### Task instructions
Where does the word "insert" appear in the entries below? Copy each line that holds it.

### Supplied data
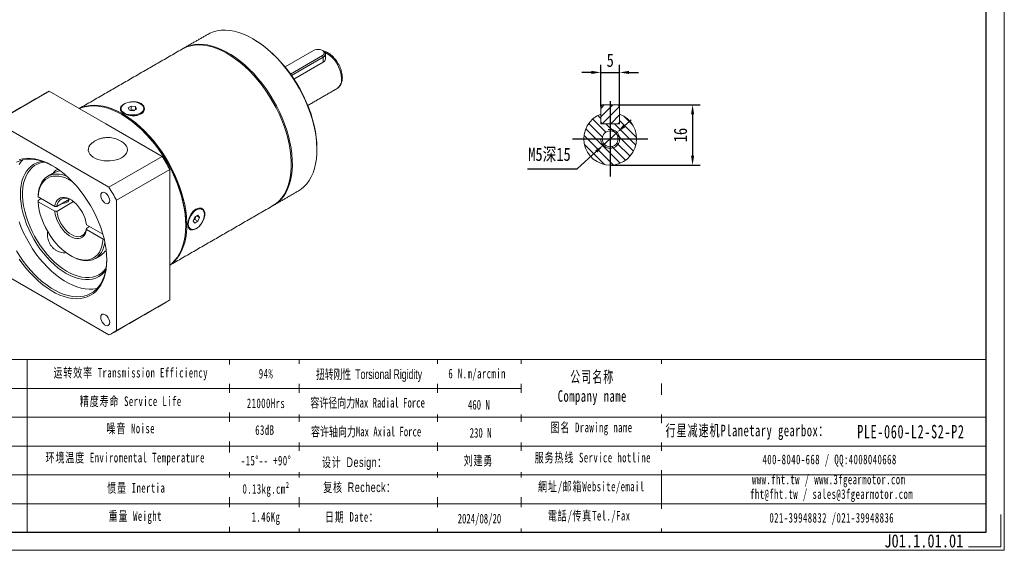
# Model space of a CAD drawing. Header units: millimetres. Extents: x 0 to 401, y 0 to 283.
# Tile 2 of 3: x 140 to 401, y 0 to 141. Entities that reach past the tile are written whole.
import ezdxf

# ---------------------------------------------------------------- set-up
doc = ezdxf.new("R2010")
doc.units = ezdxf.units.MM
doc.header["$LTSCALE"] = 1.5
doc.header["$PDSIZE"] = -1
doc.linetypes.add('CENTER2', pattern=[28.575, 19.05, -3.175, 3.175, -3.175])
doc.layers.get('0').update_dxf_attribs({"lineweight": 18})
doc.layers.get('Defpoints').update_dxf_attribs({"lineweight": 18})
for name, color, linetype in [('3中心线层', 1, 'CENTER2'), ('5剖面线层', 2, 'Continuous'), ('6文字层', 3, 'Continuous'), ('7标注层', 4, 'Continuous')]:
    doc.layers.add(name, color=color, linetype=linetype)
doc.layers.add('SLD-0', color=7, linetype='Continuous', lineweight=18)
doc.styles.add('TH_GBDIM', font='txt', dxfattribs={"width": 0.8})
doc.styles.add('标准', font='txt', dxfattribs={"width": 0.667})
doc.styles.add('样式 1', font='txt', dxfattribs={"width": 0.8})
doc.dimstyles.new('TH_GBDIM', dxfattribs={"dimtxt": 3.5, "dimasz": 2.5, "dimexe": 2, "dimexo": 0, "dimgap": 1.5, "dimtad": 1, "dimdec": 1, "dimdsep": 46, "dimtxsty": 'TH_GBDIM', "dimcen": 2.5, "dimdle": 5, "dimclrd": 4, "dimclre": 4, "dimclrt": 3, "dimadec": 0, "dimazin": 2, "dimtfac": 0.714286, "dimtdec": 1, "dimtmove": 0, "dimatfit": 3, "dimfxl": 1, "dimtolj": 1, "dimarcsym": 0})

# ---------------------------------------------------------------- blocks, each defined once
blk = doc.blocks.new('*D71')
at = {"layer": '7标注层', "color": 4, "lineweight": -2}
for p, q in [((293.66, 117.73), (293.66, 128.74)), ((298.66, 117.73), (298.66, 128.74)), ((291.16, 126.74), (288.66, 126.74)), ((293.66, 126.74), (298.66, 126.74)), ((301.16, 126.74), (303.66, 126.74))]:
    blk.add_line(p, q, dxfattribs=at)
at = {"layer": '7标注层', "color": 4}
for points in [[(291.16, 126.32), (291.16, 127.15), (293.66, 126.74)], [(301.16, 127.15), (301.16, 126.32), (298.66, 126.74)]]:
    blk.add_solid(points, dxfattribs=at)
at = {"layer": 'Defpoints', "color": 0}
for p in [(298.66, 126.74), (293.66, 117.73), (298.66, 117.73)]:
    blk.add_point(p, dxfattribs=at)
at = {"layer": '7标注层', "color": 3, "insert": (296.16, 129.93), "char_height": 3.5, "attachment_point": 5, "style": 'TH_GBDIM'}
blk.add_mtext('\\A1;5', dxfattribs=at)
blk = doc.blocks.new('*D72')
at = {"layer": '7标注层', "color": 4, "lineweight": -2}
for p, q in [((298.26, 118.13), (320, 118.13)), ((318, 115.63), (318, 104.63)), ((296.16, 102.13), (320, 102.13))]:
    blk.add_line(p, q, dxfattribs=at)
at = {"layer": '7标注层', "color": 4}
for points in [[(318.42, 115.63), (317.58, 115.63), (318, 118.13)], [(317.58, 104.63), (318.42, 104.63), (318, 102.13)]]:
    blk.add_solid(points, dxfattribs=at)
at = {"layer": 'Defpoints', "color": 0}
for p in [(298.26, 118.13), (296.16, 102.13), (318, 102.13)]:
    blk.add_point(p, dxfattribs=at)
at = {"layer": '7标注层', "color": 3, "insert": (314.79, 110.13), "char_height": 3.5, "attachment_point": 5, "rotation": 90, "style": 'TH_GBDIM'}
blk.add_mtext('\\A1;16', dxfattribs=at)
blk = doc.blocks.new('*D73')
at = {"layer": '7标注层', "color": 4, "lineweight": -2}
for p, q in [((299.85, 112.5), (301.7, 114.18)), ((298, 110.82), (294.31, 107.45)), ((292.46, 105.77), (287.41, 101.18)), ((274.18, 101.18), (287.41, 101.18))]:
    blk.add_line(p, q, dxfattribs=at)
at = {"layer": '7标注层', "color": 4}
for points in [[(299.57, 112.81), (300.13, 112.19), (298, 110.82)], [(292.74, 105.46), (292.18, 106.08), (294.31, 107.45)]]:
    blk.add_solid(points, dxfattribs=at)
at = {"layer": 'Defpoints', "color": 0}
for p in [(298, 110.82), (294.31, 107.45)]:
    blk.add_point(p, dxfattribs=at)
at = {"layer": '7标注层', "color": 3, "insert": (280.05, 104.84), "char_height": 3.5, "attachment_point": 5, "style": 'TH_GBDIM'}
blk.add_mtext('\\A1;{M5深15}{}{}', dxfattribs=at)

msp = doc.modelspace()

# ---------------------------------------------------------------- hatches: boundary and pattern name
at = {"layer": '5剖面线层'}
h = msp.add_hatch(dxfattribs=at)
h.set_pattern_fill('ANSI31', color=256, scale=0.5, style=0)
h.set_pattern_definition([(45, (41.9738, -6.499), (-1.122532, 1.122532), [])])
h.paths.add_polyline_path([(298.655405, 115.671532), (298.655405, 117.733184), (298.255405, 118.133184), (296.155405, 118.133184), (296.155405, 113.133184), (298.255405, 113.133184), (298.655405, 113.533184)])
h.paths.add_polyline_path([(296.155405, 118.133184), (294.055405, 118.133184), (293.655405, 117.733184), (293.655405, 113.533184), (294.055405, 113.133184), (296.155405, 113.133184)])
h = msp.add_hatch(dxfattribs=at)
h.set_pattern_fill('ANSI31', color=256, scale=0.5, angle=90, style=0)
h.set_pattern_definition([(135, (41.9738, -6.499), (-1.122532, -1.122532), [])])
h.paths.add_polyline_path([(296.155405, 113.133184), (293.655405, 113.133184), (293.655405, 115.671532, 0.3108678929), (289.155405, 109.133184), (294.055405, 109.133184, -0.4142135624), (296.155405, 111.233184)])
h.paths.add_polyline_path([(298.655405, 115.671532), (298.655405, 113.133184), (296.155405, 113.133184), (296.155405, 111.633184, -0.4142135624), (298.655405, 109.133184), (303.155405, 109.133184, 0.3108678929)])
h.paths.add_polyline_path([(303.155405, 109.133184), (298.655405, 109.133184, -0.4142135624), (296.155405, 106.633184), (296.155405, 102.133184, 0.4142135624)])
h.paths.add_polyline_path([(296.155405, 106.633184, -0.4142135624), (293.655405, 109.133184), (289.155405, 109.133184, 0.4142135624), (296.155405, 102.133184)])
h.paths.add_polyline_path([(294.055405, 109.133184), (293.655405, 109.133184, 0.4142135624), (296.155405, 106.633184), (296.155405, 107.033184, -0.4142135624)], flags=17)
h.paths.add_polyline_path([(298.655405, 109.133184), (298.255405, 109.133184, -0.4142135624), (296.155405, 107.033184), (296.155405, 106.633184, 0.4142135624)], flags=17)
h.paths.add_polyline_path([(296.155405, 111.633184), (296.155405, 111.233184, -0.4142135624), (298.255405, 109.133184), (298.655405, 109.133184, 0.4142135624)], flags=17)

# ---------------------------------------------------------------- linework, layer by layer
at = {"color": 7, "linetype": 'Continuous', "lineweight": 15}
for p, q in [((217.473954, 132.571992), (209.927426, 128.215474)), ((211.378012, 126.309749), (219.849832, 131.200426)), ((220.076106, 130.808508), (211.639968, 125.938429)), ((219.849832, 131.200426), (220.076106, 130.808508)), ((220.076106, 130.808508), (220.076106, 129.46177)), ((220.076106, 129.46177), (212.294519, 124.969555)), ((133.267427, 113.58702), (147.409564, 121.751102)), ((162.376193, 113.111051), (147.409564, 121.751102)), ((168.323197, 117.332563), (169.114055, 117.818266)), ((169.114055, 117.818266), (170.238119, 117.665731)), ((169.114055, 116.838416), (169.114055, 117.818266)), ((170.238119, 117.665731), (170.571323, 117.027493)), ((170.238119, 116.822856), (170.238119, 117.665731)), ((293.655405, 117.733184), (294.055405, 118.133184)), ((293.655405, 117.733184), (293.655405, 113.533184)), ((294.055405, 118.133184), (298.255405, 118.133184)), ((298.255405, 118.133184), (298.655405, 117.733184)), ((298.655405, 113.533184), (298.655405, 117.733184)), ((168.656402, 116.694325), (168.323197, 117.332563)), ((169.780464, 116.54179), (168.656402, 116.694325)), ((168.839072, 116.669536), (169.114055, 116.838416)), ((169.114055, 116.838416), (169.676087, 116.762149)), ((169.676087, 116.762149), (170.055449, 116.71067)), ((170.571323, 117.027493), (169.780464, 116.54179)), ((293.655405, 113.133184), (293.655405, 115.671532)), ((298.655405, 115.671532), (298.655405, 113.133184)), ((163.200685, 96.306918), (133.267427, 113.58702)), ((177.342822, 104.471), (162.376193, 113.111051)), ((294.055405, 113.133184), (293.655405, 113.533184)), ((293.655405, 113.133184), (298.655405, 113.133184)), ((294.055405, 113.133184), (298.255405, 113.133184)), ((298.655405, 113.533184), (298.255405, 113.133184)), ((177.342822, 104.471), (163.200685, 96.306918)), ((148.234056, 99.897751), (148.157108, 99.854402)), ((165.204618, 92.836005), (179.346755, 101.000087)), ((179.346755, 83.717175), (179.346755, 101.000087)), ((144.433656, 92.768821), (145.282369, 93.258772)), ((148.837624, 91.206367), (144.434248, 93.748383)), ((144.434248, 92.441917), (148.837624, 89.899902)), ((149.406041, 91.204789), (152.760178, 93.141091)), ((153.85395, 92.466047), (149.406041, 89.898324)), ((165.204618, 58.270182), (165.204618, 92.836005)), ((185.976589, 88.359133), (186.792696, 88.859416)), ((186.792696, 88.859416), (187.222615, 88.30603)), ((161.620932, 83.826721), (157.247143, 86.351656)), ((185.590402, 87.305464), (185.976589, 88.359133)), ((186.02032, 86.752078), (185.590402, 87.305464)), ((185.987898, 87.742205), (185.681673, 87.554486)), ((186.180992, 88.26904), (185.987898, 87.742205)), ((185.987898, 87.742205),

### Result
at = {"layer": '7标注层', "color": 3, "insert": (296.16, 129.93), "char_height": 3.5, "attachment_point": 5, "style": 'TH_GBDIM'}
at = {"layer": '7标注层', "color": 3, "insert": (314.79, 110.13), "char_height": 3.5, "attachment_point": 5, "rotation": 90, "style": 'TH_GBDIM'}
at = {"layer": '7标注层', "color": 3, "insert": (280.05, 104.84), "char_height": 3.5, "attachment_point": 5, "style": 'TH_GBDIM'}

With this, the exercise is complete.